Getting the ansible yum module to work on Fedora servers

I was doing some testing this morning on a Fedora 25 host and received the following error when I tried to execute a playbook:

$ ansible-playbook –ask-become-pass -l tbone playbooks/system-base.yml

PLAY [all] ********************************************************************************************************

TASK [Gathering Facts] ********************************************************************************************
ok: [tbone]

TASK [system-common : upgrade all packages] ***********************************************************************
fatal: [tbone]: FAILED! => {"changed": false, "failed": true, "msg": "python2 yum module is needed for this  module"}
	to retry, use: --limit @/ansible/playbooks/system-base.retry

PLAY RECAP ********************************************************************************************************
tbone        : ok=1    changed=0    unreachable=0    failed=1   

To see what ansible was doing I set the ANSIBLE_KEEP_REMOTE_FILES environment variable which keeps the ansiballz modules on the remote host (this is super useful for debugging problems). After reviewing the files in the temporary task directory I noticed that the playbook had a task to install a specific version of a package with yum. Yum doesn’t exist on newer Fedora releases hence the “python2 yum module” error.

There are a couple of ways to fix this. The ideal way is to use the package module (or check the OS release and use the ansible dnf module instead of yum) instead of specifying yum or dnf. If you need a quick fix you can shell out from your playbook and install python2-dnf prior to gathering facts. If you need a quicker fix you can install the package by hand:

$ yum -y install python2-dnf

I’m currently using the package module and it works like a champ.

Viewing ansible variables

When developing ansible playbooks and roles it’s extremely useful to be able to see all of the variables available to you. This is super easy with the ansible setup and debug modules:

# List all of the vars available to the host
$ ansible haproxy01.* -m setup

# Retrieve all of the groups from the inventory file
$ ansible haproxy01.* -m debug -a "var=groups"

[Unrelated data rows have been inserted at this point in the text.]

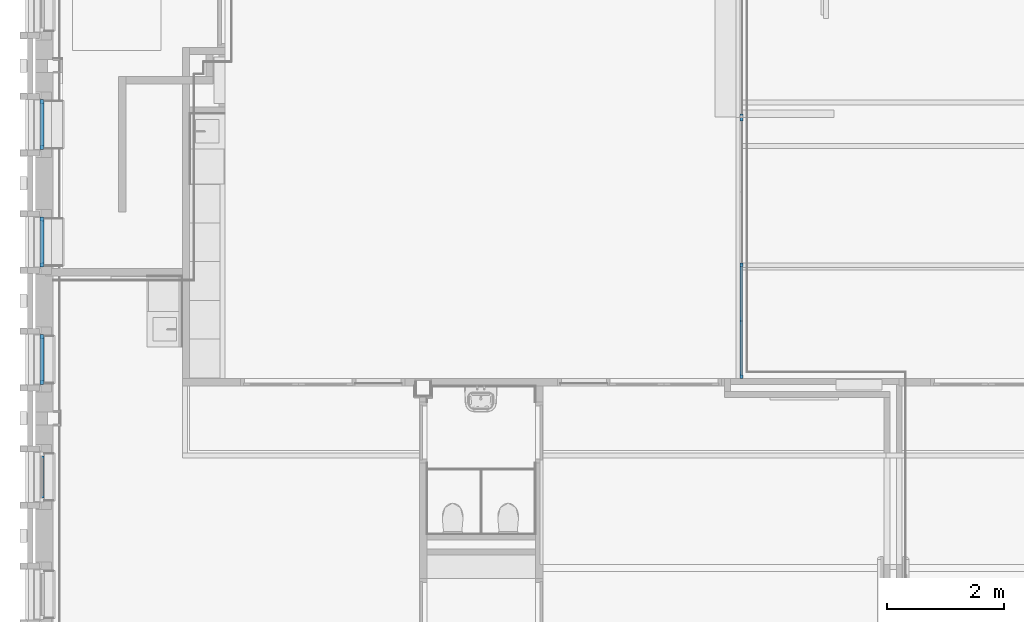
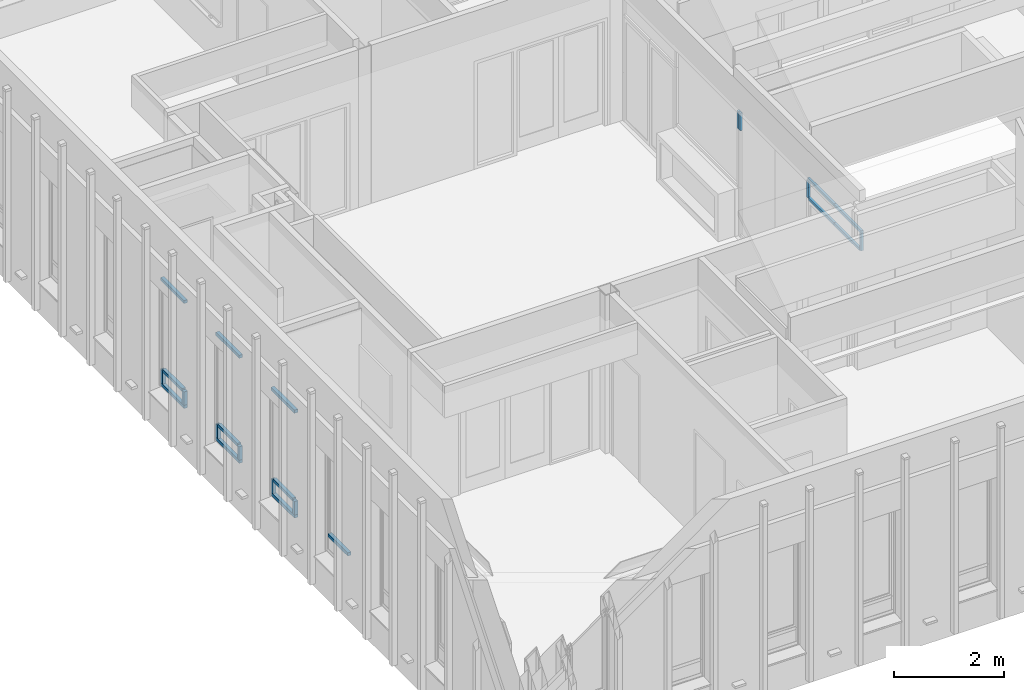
# One storey, part 9 of 118: 24 members, 5 elements without a shape of their own.
"""IFC2X3 building model written with IfcOpenShell, lengths in millimetres."""

from ifc_helpers import new_model, entity, si_unit, converted_unit, derived_unit, direction, frame, origin, origin_2d_with_axis, place, context, subcontext, project, spatial, rectangle, extrude, source, transform, mapped, material, material_list, type_object, type_shapes, element, aggregate, save


model = new_model("IFC2X3")

# Units and contexts
model_context = context("Model", 3, precision=0.01, world=origin(), true_north=direction((6.123031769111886e-17, 1.0)))
plan_context = context("Plan", 3, precision=0.01, world=origin(), true_north=direction((6.123031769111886e-17, 1.0)))
body_context = subcontext(model_context, "Body", "Model", "MODEL_VIEW")
ifc_project = project(units=[si_unit("LENGTHUNIT", "METRE", prefix="MILLI"), si_unit("AREAUNIT", "SQUARE_METRE"), si_unit("VOLUMEUNIT", "CUBIC_METRE"), converted_unit("PLANEANGLEUNIT", "DEGREE", entity("IfcRatioMeasure", 0.017453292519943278), si_unit("PLANEANGLEUNIT", "RADIAN"), dimensions=[0, 0, 0, 0, 0, 0, 0]), si_unit("MASSUNIT", "GRAM", prefix="KILO"), derived_unit("MASSDENSITYUNIT", [(si_unit("MASSUNIT", "GRAM", prefix="KILO"), 1), (si_unit("LENGTHUNIT", "METRE"), -3)]), derived_unit("IONCONCENTRATIONUNIT", [(si_unit("MASSUNIT", "GRAM", prefix="KILO"), 1), (si_unit("LENGTHUNIT", "METRE"), -3)]), derived_unit("MOMENTOFINERTIAUNIT", [(si_unit("LENGTHUNIT", "METRE"), 4)]), si_unit("TIMEUNIT", "SECOND"), si_unit("FREQUENCYUNIT", "HERTZ"), si_unit("THERMODYNAMICTEMPERATUREUNIT", "DEGREE_CELSIUS"), derived_unit("THERMALTRANSMITTANCEUNIT", [(si_unit("MASSUNIT", "GRAM", prefix="KILO"), 1), (si_unit("THERMODYNAMICTEMPERATUREUNIT", "KELVIN"), -1), (si_unit("TIMEUNIT", "SECOND"), -3)]), derived_unit("THERMALCONDUCTANCEUNIT", [(si_unit("MASSUNIT", "GRAM", prefix="KILO"), 1), (si_unit("THERMODYNAMICTEMPERATUREUNIT", "KELVIN"), -1), (si_unit("TIMEUNIT", "SECOND"), -3), (si_unit("LENGTHUNIT", "METRE"), 1)]), derived_unit("VOLUMETRICFLOWRATEUNIT", [(si_unit("LENGTHUNIT", "METRE"), 3), (si_unit("TIMEUNIT", "SECOND"), -1)]), derived_unit("MASSFLOWRATEUNIT", [(si_unit("MASSUNIT", "GRAM", prefix="KILO"), 1), (si_unit("TIMEUNIT", "SECOND"), -1)]), derived_unit("ROTATIONALFREQUENCYUNIT", [(si_unit("TIMEUNIT", "SECOND"), -1)]), si_unit("ELECTRICCURRENTUNIT", "AMPERE"), si_unit("ELECTRICVOLTAGEUNIT", "VOLT"), si_unit("POWERUNIT", "WATT"), si_unit("FORCEUNIT", "NEWTON", prefix="KILO"), si_unit("ILLUMINANCEUNIT", "LUX"), si_unit("LUMINOUSFLUXUNIT", "LUMEN"), si_unit("LUMINOUSINTENSITYUNIT", "CANDELA"), derived_unit("USERDEFINED", [(si_unit("MASSUNIT", "GRAM", prefix="KILO"), -1), (si_unit("LENGTHUNIT", "METRE"), -2), (si_unit("TIMEUNIT", "SECOND"), 3), (si_unit("LUMINOUSFLUXUNIT", "LUMEN"), 1)]), derived_unit("USERDEFINED", [(si_unit("MASSUNIT", "GRAM", prefix="KILO"), 1), (si_unit("TIMEUNIT", "SECOND"), -3), (si_unit("LENGTHUNIT", "METRE"), 3), (si_unit("ELECTRICCURRENTUNIT", "AMPERE"), -2)]), derived_unit("SOUNDPOWERUNIT", [(si_unit("MASSUNIT", "GRAM", prefix="KILO"), 1), (si_unit("TIMEUNIT", "SECOND"), -3), (si_unit("LENGTHUNIT", "METRE"), 2)]), derived_unit("SOUNDPRESSUREUNIT", [(si_unit("MASSUNIT", "GRAM", prefix="KILO"), 1), (si_unit("LENGTHUNIT", "METRE"), -1), (si_unit("TIMEUNIT", "SECOND"), -2)]), derived_unit("LINEARVELOCITYUNIT", [(si_unit("LENGTHUNIT", "METRE"), 1), (si_unit("TIMEUNIT", "SECOND"), -1)]), si_unit("PRESSUREUNIT", "PASCAL"), derived_unit("USERDEFINED", [(si_unit("MASSUNIT", "GRAM", prefix="KILO"), 1), (si_unit("LENGTHUNIT", "METRE"), -2), (si_unit("TIMEUNIT", "SECOND"), -2)]), derived_unit("LINEARFORCEUNIT", [(si_unit("MASSUNIT", "GRAM", prefix="KILO"), 1), (si_unit("TIMEUNIT", "SECOND"), -2)]), derived_unit("PLANARFORCEUNIT", [(si_unit("MASSUNIT", "GRAM", prefix="KILO"), 1), (si_unit("LENGTHUNIT", "METRE"), -1), (si_unit("TIMEUNIT", "SECOND"), -2)]), derived_unit("SPECIFICHEATCAPACITYUNIT", [(si_unit("THERMODYNAMICTEMPERATUREUNIT", "KELVIN"), -1), (si_unit("LENGTHUNIT", "METRE"), 2), (si_unit("TIMEUNIT", "SECOND"), -2)]), derived_unit("HEATINGVALUEUNIT", [(si_unit("LENGTHUNIT", "METRE"), 2), (si_unit("TIMEUNIT", "SECOND"), -2)]), derived_unit("VAPORPERMEABILITYUNIT", [(si_unit("LENGTHUNIT", "METRE"), -1), (si_unit("TIMEUNIT", "SECOND"), 1)]), derived_unit("DYNAMICVISCOSITYUNIT", [(si_unit("MASSUNIT", "GRAM", prefix="KILO"), 1), (si_unit("TIMEUNIT", "SECOND"), -1), (si_unit("LENGTHUNIT", "METRE"), -1)]), derived_unit("THERMALEXPANSIONCOEFFICIENTUNIT", [(si_unit("THERMODYNAMICTEMPERATUREUNIT", "KELVIN"), -1)]), derived_unit("MODULUSOFELASTICITYUNIT", [(si_unit("MASSUNIT", "GRAM", prefix="KILO"), 1), (si_unit("LENGTHUNIT", "METRE"), -1), (si_unit("TIMEUNIT", "SECOND"), -2)]), derived_unit("ISOTHERMALMOISTURECAPACITYUNIT", [(si_unit("LENGTHUNIT", "METRE"), 3), (si_unit("MASSUNIT", "GRAM", prefix="KILO"), -1)]), derived_unit("MOISTUREDIFFUSIVITYUNIT", [(si_unit("TIMEUNIT", "SECOND"), -1), (si_unit("LENGTHUNIT", "METRE"), 2)])], contexts=[model_context, plan_context])

# Site, building, storey
site_placement = place(None, origin())
site = spatial("IfcSite", under=ifc_project, at=site_placement, Name="Locatie", CompositionType="ELEMENT")
building_placement = place(site_placement, origin())
building = spatial("IfcBuilding", under=site, at=building_placement, Name="Bouwwerk", CompositionType="ELEMENT")
storey_placement = place(building_placement, frame((0.0, 0.0, 7800.0)))
storey = spatial("IfcBuildingStorey", under=building, at=storey_placement, Name="02 tweede verdieping", CompositionType="ELEMENT", Elevation=7800.000000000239)

# Curtain wall, member
curtain_wall_type_1 = type_object("IfcCurtainWallType", Name="Curtain Wall:NLRS_21_CW_Ontwerpkozijn_aluminium_RT72", PredefinedType="NOTDEFINED")
curtain_wall_1_placement = place(storey_placement, frame((0.0, 0.0, -7800.0)))
curtain_wall_1 = element("IfcCurtainWall", 1, at=curtain_wall_1_placement, inside=storey, type_object=curtain_wall_type_1, Name="Curtain Wall:NLRS_21_CW_Ontwerpkozijn_aluminium_RT72", ObjectType="Curtain Wall:NLRS_21_CW_Ontwerpkozijn_aluminium_RT72")
ifc_material_1 = material(Name="a_kozijn")
ifc_material_2 = material(Name="<Unnamed>")
ifc_material_list = material_list([ifc_material_2, ifc_material_1])
member_type_1 = type_object("IfcMemberType", Name="Rectangular Mullion:RT72_Vb_raam", PredefinedType="MULLION", material=ifc_material_list)
shared_shape_1 = source(origin(), body_context, "Body", "SweptSolid", [
    extrude(rectangle(XDim=71.99999999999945, YDim=68.00000000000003, at=origin_2d_with_axis()), frame((-34.0, -36.0, -850.0), z_axis=(0.0, 0.0, 1.0), x_axis=(0.0, -1.0, 0.0)), (0.0, 0.0, 1.0), 850.0000000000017),
])
type_shapes(member_type_1, [shared_shape_1])
member_1_placement = place(curtain_wall_1_placement, frame((9847.0, 18625.0, 10863.0), z_axis=(0.0, 1.0, 0.0), x_axis=(0.0, 0.0, 1.0)))
member_1 = element("IfcMember", 2, at=member_1_placement, type_object=member_type_1, material=ifc_material_1, Name="Rectangular Mullion:RT72_Vb_raam", ObjectType="Rectangular Mullion:RT72_Vb_raam", context=body_context, shape_type="MappedRepresentation", body=[
    mapped(shared_shape_1, transform((0.0, 0.0, 0.0), scale=1.0)),
])

curtain_wall_2_placement = place(storey_placement, frame((0.0, 0.0, -7800.0)))
curtain_wall_2 = element("IfcCurtainWall", 3, at=curtain_wall_2_placement, inside=storey, type_object=curtain_wall_type_1, Name="Curtain Wall:NLRS_21_CW_Ontwerpkozijn_aluminium_RT72", ObjectType="Curtain Wall:NLRS_21_CW_Ontwerpkozijn_aluminium_RT72")
member_2_placement = place(curtain_wall_2_placement, frame((9847.0, 20625.0, 10863.0), z_axis=(0.0, 1.0, 0.0), x_axis=(0.0, 0.0, 1.0)))
member_2 = element("IfcMember", 4, at=member_2_placement, type_object=member_type_1, material=ifc_material_1, Name="Rectangular Mullion:RT72_Vb_raam", ObjectType="Rectangular Mullion:RT72_Vb_raam", context=body_context, shape_type="MappedRepresentation", body=[
    mapped(shared_shape_1, transform((0.0, 0.0, 0.0), scale=1.0)),
])

curtain_wall_3_placement = place(storey_placement, frame((0.0, 0.0, -7800.0)))
curtain_wall_3 = element("IfcCurtainWall", 5, at=curtain_wall_3_placement, inside=storey, type_object=curtain_wall_type_1, Name="Curtain Wall:NLRS_21_CW_Ontwerpkozijn_aluminium_RT72", ObjectType="Curtain Wall:NLRS_21_CW_Ontwerpkozijn_aluminium_RT72")
member_3_placement = place(curtain_wall_3_placement, frame((9847.0, 22625.0, 10863.0), z_axis=(0.0, 1.0, 0.0), x_axis=(0.0, 0.0, 1.0)))
member_3 = element("IfcMember", 6, at=member_3_placement, type_object=member_type_1, material=ifc_material_1, Name="Rectangular Mullion:RT72_Vb_raam", ObjectType="Rectangular Mullion:RT72_Vb_raam", context=body_context, shape_type="MappedRepresentation", body=[
    mapped(shared_shape_1, transform((0.0, 0.0, 0.0), scale=1.0)),
])

# Member
member_type_2 = type_object("IfcMemberType", Name="Rectangular Mullion:RT72_Vo_raam", PredefinedType="MULLION", material=ifc_material_list)
shared_shape_2 = source(origin(), body_context, "Body", "SweptSolid", [
    extrude(rectangle(XDim=71.99999999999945, YDim=68.00000000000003, at=origin_2d_with_axis()), frame((-34.0, -36.0, -850.0), z_axis=(0.0, 0.0, 1.0), x_axis=(0.0, -1.0, 0.0)), (0.0, 0.0, 1.0), 850.0000000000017),
])
type_shapes(member_type_2, [shared_shape_2])
member_4_placement = place(curtain_wall_1_placement, frame((9847.0, 17775.0, 8473.0), z_axis=(0.0, -1.0, 0.0), x_axis=(0.0, 0.0, -1.0)))
member_4 = element("IfcMember", 7, at=member_4_placement, type_object=member_type_2, material=ifc_material_1, Name="Rectangular Mullion:RT72_Vo_raam", ObjectType="Rectangular Mullion:RT72_Vo_raam", context=body_context, shape_type="MappedRepresentation", body=[
    mapped(shared_shape_2, transform((0.0, 0.0, 0.0), scale=1.0)),
])

member_5_placement = place(curtain_wall_2_placement, frame((9847.0, 19775.0, 8473.0), z_axis=(0.0, -1.0, 0.0), x_axis=(0.0, 0.0, -1.0)))
member_5 = element("IfcMember", 8, at=member_5_placement, type_object=member_type_2, material=ifc_material_1, Name="Rectangular Mullion:RT72_Vo_raam", ObjectType="Rectangular Mullion:RT72_Vo_raam", context=body_context, shape_type="MappedRepresentation", body=[
    mapped(shared_shape_2, transform((0.0, 0.0, 0.0), scale=1.0)),
])

member_6_placement = place(curtain_wall_3_placement, frame((9847.0, 21775.0, 8473.0), z_axis=(0.0, -1.0, 0.0), x_axis=(0.0, 0.0, -1.0)))
member_6 = element("IfcMember", 9, at=member_6_placement, type_object=member_type_2, material=ifc_material_1, Name="Rectangular Mullion:RT72_Vo_raam", ObjectType="Rectangular Mullion:RT72_Vo_raam", context=body_context, shape_type="MappedRepresentation", body=[
    mapped(shared_shape_2, transform((0.0, 0.0, 0.0), scale=1.0)),
])

member_type_3 = type_object("IfcMemberType", Name="Rectangular Mullion:RT72_Hl_raam", PredefinedType="MULLION", material=ifc_material_list)
shared_shape_3 = source(origin(), body_context, "Body", "SweptSolid", [
    extrude(rectangle(XDim=71.99999999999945, YDim=68.00000000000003, at=origin_2d_with_axis()), frame((-34.0, -36.0, -301.0), z_axis=(0.0, 0.0, 1.0), x_axis=(0.0, -1.0, 0.0)), (0.0, 0.0, 1.0), 301.00000000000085),
])
type_shapes(member_type_3, [shared_shape_3])
member_7_placement = place(curtain_wall_1_placement, frame((9847.0, 18625.0, 8541.0), z_axis=(0.0, 0.0, -1.0), x_axis=(0.0, 1.0, 0.0)))
member_7 = element("IfcMember", 10, at=member_7_placement, type_object=member_type_3, material=ifc_material_1, Name="Rectangular Mullion:RT72_Hl_raam", ObjectType="Rectangular Mullion:RT72_Hl_raam", context=body_context, shape_type="MappedRepresentation", body=[
    mapped(shared_shape_3, transform((0.0, 0.0, 0.0), scale=1.0)),
])

member_8_placement = place(curtain_wall_2_placement, frame((9847.0, 20625.0, 8541.0), z_axis=(0.0, 0.0, -1.0), x_axis=(0.0, 1.0, 0.0)))
member_8 = element("IfcMember", 11, at=member_8_placement, type_object=member_type_3, material=ifc_material_1, Name="Rectangular Mullion:RT72_Hl_raam", ObjectType="Rectangular Mullion:RT72_Hl_raam", context=body_context, shape_type="MappedRepresentation", body=[
    mapped(shared_shape_3, transform((0.0, 0.0, 0.0), scale=1.0)),
])

member_9_placement = place(curtain_wall_3_placement, frame((9847.0, 22625.0, 8541.0), z_axis=(0.0, 0.0, -1.0), x_axis=(0.0, 1.0, 0.0)))
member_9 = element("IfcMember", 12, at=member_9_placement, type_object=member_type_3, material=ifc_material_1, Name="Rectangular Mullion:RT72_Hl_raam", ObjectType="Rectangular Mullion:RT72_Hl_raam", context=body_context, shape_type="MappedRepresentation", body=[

Lester Wade took this a step further and wrote a great blog entry that describes how to dump the contents of the vars, environment, group_names, hostvars and group variables to a file. If you run his example you will get a nicely formatted text file in /tmp/ansible.all

Module Variables ("vars"):
--------------------------------
{
    "ansible_all_ipv4_addresses": [
        "192.168.1.122",
        "192.168.1.124"
    ],
    "ansible_all_ipv6_addresses": [
        "fe80::250:56ff:fe8f:b8ad"
    ],
    "ansible_apparmor": {
        "status": "disabled"
    },

This file is a great reference and kudos to Lester for the amazing work!